▶ _What the task asks_
Down to the last line, restate the records below word for word, dropping every image.

· · · · ·

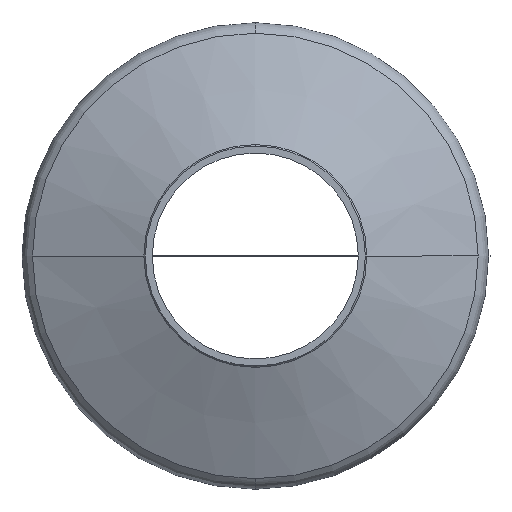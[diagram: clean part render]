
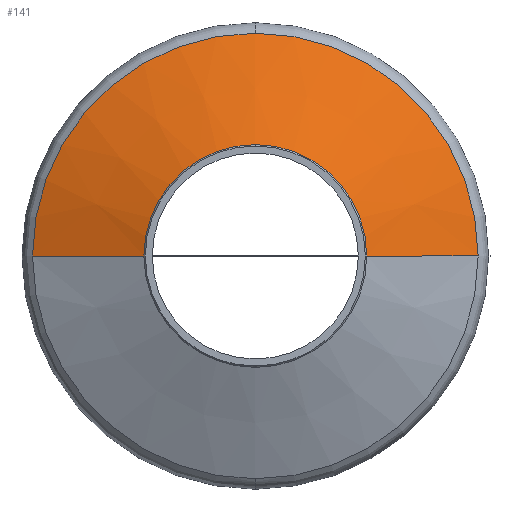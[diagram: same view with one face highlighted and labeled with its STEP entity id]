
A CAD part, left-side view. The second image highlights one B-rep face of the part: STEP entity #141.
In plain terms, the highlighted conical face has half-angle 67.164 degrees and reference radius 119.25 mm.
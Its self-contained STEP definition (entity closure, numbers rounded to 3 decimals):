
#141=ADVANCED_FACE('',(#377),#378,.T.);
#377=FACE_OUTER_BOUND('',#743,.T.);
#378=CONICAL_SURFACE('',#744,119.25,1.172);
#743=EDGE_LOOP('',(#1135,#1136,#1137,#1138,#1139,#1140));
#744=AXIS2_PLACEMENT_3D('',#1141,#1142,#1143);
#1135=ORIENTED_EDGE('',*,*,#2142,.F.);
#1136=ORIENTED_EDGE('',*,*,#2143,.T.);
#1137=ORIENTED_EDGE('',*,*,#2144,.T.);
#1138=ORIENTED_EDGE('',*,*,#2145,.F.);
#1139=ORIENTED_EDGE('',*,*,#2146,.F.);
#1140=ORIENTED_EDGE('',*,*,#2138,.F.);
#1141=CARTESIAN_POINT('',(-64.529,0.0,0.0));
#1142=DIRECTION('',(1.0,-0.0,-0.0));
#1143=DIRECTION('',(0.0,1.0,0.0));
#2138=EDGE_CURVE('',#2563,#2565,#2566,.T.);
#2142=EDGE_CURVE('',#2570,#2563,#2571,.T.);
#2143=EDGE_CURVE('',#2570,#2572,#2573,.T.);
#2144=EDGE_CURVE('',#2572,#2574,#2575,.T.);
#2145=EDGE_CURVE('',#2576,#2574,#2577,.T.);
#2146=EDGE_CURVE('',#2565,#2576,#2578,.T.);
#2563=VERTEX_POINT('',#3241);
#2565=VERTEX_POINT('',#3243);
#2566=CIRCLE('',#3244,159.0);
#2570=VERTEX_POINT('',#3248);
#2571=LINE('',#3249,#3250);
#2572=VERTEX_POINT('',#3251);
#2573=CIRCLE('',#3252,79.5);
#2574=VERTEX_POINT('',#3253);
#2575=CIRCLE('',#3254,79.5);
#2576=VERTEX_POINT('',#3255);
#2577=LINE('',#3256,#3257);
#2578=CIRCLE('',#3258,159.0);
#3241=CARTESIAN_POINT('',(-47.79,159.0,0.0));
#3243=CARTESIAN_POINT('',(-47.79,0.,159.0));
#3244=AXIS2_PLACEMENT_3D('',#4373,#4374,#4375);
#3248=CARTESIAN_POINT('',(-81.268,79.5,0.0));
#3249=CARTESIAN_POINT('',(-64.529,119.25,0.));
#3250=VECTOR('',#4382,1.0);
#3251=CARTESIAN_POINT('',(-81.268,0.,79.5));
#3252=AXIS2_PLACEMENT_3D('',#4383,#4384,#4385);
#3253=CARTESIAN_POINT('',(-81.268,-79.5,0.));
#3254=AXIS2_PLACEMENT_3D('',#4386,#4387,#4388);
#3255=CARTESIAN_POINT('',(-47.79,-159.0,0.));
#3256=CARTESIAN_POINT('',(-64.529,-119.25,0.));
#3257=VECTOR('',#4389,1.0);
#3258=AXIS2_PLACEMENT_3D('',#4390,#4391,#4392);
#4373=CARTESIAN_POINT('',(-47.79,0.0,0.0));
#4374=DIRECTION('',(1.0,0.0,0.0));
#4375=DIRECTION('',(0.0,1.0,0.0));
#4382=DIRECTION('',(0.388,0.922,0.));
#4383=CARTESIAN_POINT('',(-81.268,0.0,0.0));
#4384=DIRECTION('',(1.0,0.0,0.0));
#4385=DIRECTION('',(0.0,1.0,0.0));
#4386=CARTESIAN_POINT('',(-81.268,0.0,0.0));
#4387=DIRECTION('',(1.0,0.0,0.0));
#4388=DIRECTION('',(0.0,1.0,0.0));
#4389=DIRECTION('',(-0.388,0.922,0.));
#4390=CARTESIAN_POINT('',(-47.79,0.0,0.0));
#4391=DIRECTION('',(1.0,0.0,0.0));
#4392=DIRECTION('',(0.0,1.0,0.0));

· · · · ·

▶ _Solved exercise_
[diagram: clean part render]
[diagram: same view with one face highlighted and labeled with its STEP entity id]
A CAD part, left-side view. The second image highlights one B-rep face of the part: STEP entity #141.
In plain terms, the highlighted conical face has half-angle 67.164 degrees and reference radius 119.25 mm.
Its self-contained STEP definition (entity closure, numbers rounded to 3 decimals):
#141=ADVANCED_FACE('',(#377),#378,.T.);
#377=FACE_OUTER_BOUND('',#743,.T.);
#378=CONICAL_SURFACE('',#744,119.25,1.172);
#743=EDGE_LOOP('',(#1135,#1136,#1137,#1138,#1139,#1140));
#744=AXIS2_PLACEMENT_3D('',#1141,#1142,#1143);
#1135=ORIENTED_EDGE('',*,*,#2142,.F.);
#1136=ORIENTED_EDGE('',*,*,#2143,.T.);
#1137=ORIENTED_EDGE('',*,*,#2144,.T.);
#1138=ORIENTED_EDGE('',*,*,#2145,.F.);
#1139=ORIENTED_EDGE('',*,*,#2146,.F.);
#1140=ORIENTED_EDGE('',*,*,#2138,.F.);
#1141=CARTESIAN_POINT('',(-64.529,0.0,0.0));
#1142=DIRECTION('',(1.0,-0.0,-0.0));
#1143=DIRECTION('',(0.0,1.0,0.0));
#2138=EDGE_CURVE('',#2563,#2565,#2566,.T.);
#2142=EDGE_CURVE('',#2570,#2563,#2571,.T.);
#2143=EDGE_CURVE('',#2570,#2572,#2573,.T.);
#2144=EDGE_CURVE('',#2572,#2574,#2575,.T.);
#2145=EDGE_CURVE('',#2576,#2574,#2577,.T.);
#2146=EDGE_CURVE('',#2565,#2576,#2578,.T.);
#2563=VERTEX_POINT('',#3241);
#2565=VERTEX_POINT('',#3243);
#2566=CIRCLE('',#3244,159.0);
#2570=VERTEX_POINT('',#3248);
#2571=LINE('',#3249,#3250);
#2572=VERTEX_POINT('',#3251);
#2573=CIRCLE('',#3252,79.5);
#2574=VERTEX_POINT('',#3253);
#2575=CIRCLE('',#3254,79.5);
#2576=VERTEX_POINT('',#3255);
#2577=LINE('',#3256,#3257);
#2578=CIRCLE('',#3258,159.0);
#3241=CARTESIAN_POINT('',(-47.79,159.0,0.0));
#3243=CARTESIAN_POINT('',(-47.79,0.,159.0));
#3244=AXIS2_PLACEMENT_3D('',#4373,#4374,#4375);
#3248=CARTESIAN_POINT('',(-81.268,79.5,0.0));
#3249=CARTESIAN_POINT('',(-64.529,119.25,0.));
#3250=VECTOR('',#4382,1.0);
#3251=CARTESIAN_POINT('',(-81.268,0.,79.5));
#3252=AXIS2_PLACEMENT_3D('',#4383,#4384,#4385);
#3253=CARTESIAN_POINT('',(-81.268,-79.5,0.));
#3254=AXIS2_PLACEMENT_3D('',#4386,#4387,#4388);
#3255=CARTESIAN_POINT('',(-47.79,-159.0,0.));
#3256=CARTESIAN_POINT('',(-64.529,-119.25,0.));
#3257=VECTOR('',#4389,1.0);
#3258=AXIS2_PLACEMENT_3D('',#4390,#4391,#4392);
#4373=CARTESIAN_POINT('',(-47.79,0.0,0.0));
#4374=DIRECTION('',(1.0,0.0,0.0));
#4375=DIRECTION('',(0.0,1.0,0.0));
#4382=DIRECTION('',(0.388,0.922,0.));
#4383=CARTESIAN_POINT('',(-81.268,0.0,0.0));
#4384=DIRECTION('',(1.0,0.0,0.0));
#4385=DIRECTION('',(0.0,1.0,0.0));
#4386=CARTESIAN_POINT('',(-81.268,0.0,0.0));
#4387=DIRECTION('',(1.0,0.0,0.0));
#4388=DIRECTION('',(0.0,1.0,0.0));
#4389=DIRECTION('',(-0.388,0.922,0.));
#4390=CARTESIAN_POINT('',(-47.79,0.0,0.0));
#4391=DIRECTION('',(1.0,0.0,0.0));
#4392=DIRECTION('',(0.0,1.0,0.0));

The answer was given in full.